Tip: Customizing your search
By default, the last column of your input file will be the target variable, and all other columns will be used as input variables.
But you can change that as well as several other options by providing the program with a configuration file, that looks like this:
search_metric = 4 # Search metric. 1: Mean relative error, 2: Classification accuracy, 3: Mean error, 4: RMS error, 5: F-score, 6: Correlation coefficient, 7: Hybrid (CC+RMS), 8: Maximum error, 9: Maximum relative error, 10: Nash-Sutcliffe efficiency, 11: Binary cross-entropy, 12: Matthews correlation coefficient (MCC), 13: Residual sum of squares (RSS), 14: Root mean squared log error (RMSLE), 15: Percentile error
train_test_split = -1 # Train/test split. -1: No cross-validation. Valid options are: 50, 60, 70, 75, 80, 100, 1000, 10000, 100000
test_sample = 1 # Test sample. 1: Chosen randomly, 2: The last points
train_test_seed = -1 # Random seed for train/test split generation when the test sample is chosen randomly.
integer_constants = 0 # Integer constants only. 0: Disabled, 1: Enabled
bound_search_mode = 0 # Bound search mode. 0: Deactivated, 1: Lower bound search, 2: Upper bound search
maximum_formula_complexity = 60 # Maximum formula complexity.

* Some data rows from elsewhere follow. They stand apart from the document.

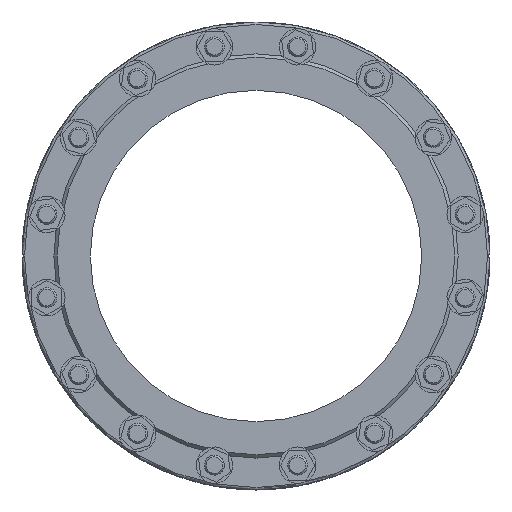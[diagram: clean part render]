
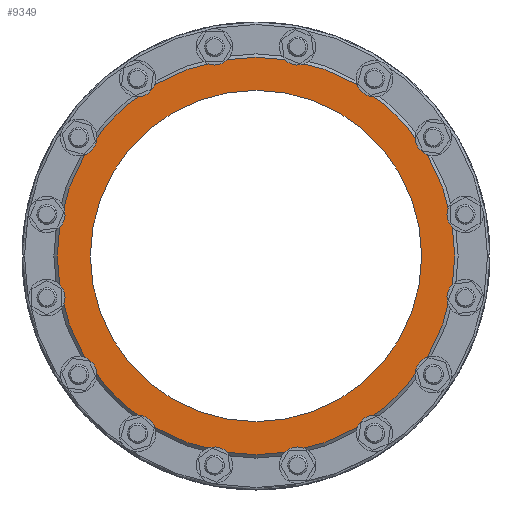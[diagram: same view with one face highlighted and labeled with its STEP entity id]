
A CAD part, left-side view. The second image highlights one B-rep face of the part: STEP entity #9349.
In plain terms, the highlighted planar face has unit normal (-1, 0, 0).
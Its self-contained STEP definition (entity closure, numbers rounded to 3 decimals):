
#2049 = EDGE_LOOP ( 'NONE', ( #13838 ) ) ;
#2586 = CIRCLE ( 'NONE', #19230, 200. ) ;
#3525 = DIRECTION ( 'NONE',  ( 0., 0., 1. ) ) ;
#4250 = DIRECTION ( 'NONE',  ( 0., 0., -1. ) ) ;
#4335 = VERTEX_POINT ( 'NONE', #21246 ) ;
#5643 = DIRECTION ( 'NONE',  ( 1., 0., 0. ) ) ;
#6084 = DIRECTION ( 'NONE',  ( 1., 0., 0. ) ) ;
#8338 = PLANE ( 'NONE',  #15188 ) ;
#9310 = DIRECTION ( 'NONE',  ( 0., 0., -1. ) ) ;
#9349 = ADVANCED_FACE ( 'NONE', ( #14419, #12425 ), #8338, .F. ) ;
#9644 = EDGE_CURVE ( 'NONE', #4335, #4335, #2586, .T. ) ;
#10447 = CARTESIAN_POINT ( 'NONE',  ( -63., 0., 240. ) ) ;
#12425 = FACE_OUTER_BOUND ( 'NONE', #16806, .T. ) ;
#13838 = ORIENTED_EDGE ( 'NONE', *, *, #9644, .T. ) ;
#14419 = FACE_BOUND ( 'NONE', #2049, .T. ) ;
#14669 = VERTEX_POINT ( 'NONE', #10447 ) ;
#15188 = AXIS2_PLACEMENT_3D ( 'NONE', #20886, #6084, #4250 ) ;
#16806 = EDGE_LOOP ( 'NONE', ( #24262 ) ) ;
#18601 = CARTESIAN_POINT ( 'NONE',  ( -63., 0., 0. ) ) ;
#18709 = CIRCLE ( 'NONE', #20506, 240. ) ;
#19230 = AXIS2_PLACEMENT_3D ( 'NONE', #26621, #5643, #9310 ) ;
#20506 = AXIS2_PLACEMENT_3D ( 'NONE', #18601, #26889, #3525 ) ;
#20886 = CARTESIAN_POINT ( 'NONE',  ( -63., 200., 0. ) ) ;
#21246 = CARTESIAN_POINT ( 'NONE',  ( -63., 0., -200. ) ) ;
#24262 = ORIENTED_EDGE ( 'NONE', *, *, #25625, .T. ) ;
#25625 = EDGE_CURVE ( 'NONE', #14669, #14669, #18709, .T. ) ;
#26621 = CARTESIAN_POINT ( 'NONE',  ( -63., 0., 0. ) ) ;
#26889 = DIRECTION ( 'NONE',  ( -1., 0., 0. ) ) ;

history_size = 20 # History size.
fscore_beta = 1 # F-score beta parameter.
normalize_dataset = 0 # Normalize the dataset before starting the optimization? 0: No, 1: Yes
allow_target_delay = 0 # Allow the target variable in the lag functions? 0: No, 1: Yes
force_all_variables = 0 # Force solutions to include all input variables? 0: No, 1: Yes
custom_formula = # Custom formula for the search. If empty, the program will try to find the last column as a function of the remaining ones.
allowed_functions = + * / pow fmod sin cos tan asin acos atan exp log log2 log10 sqrt sinh cosh tanh asinh acosh atanh abs floor ceil round sign tgamma lgamma erf # Allowed functions.
The definitions of those settings can be consulted on the Official Documentation.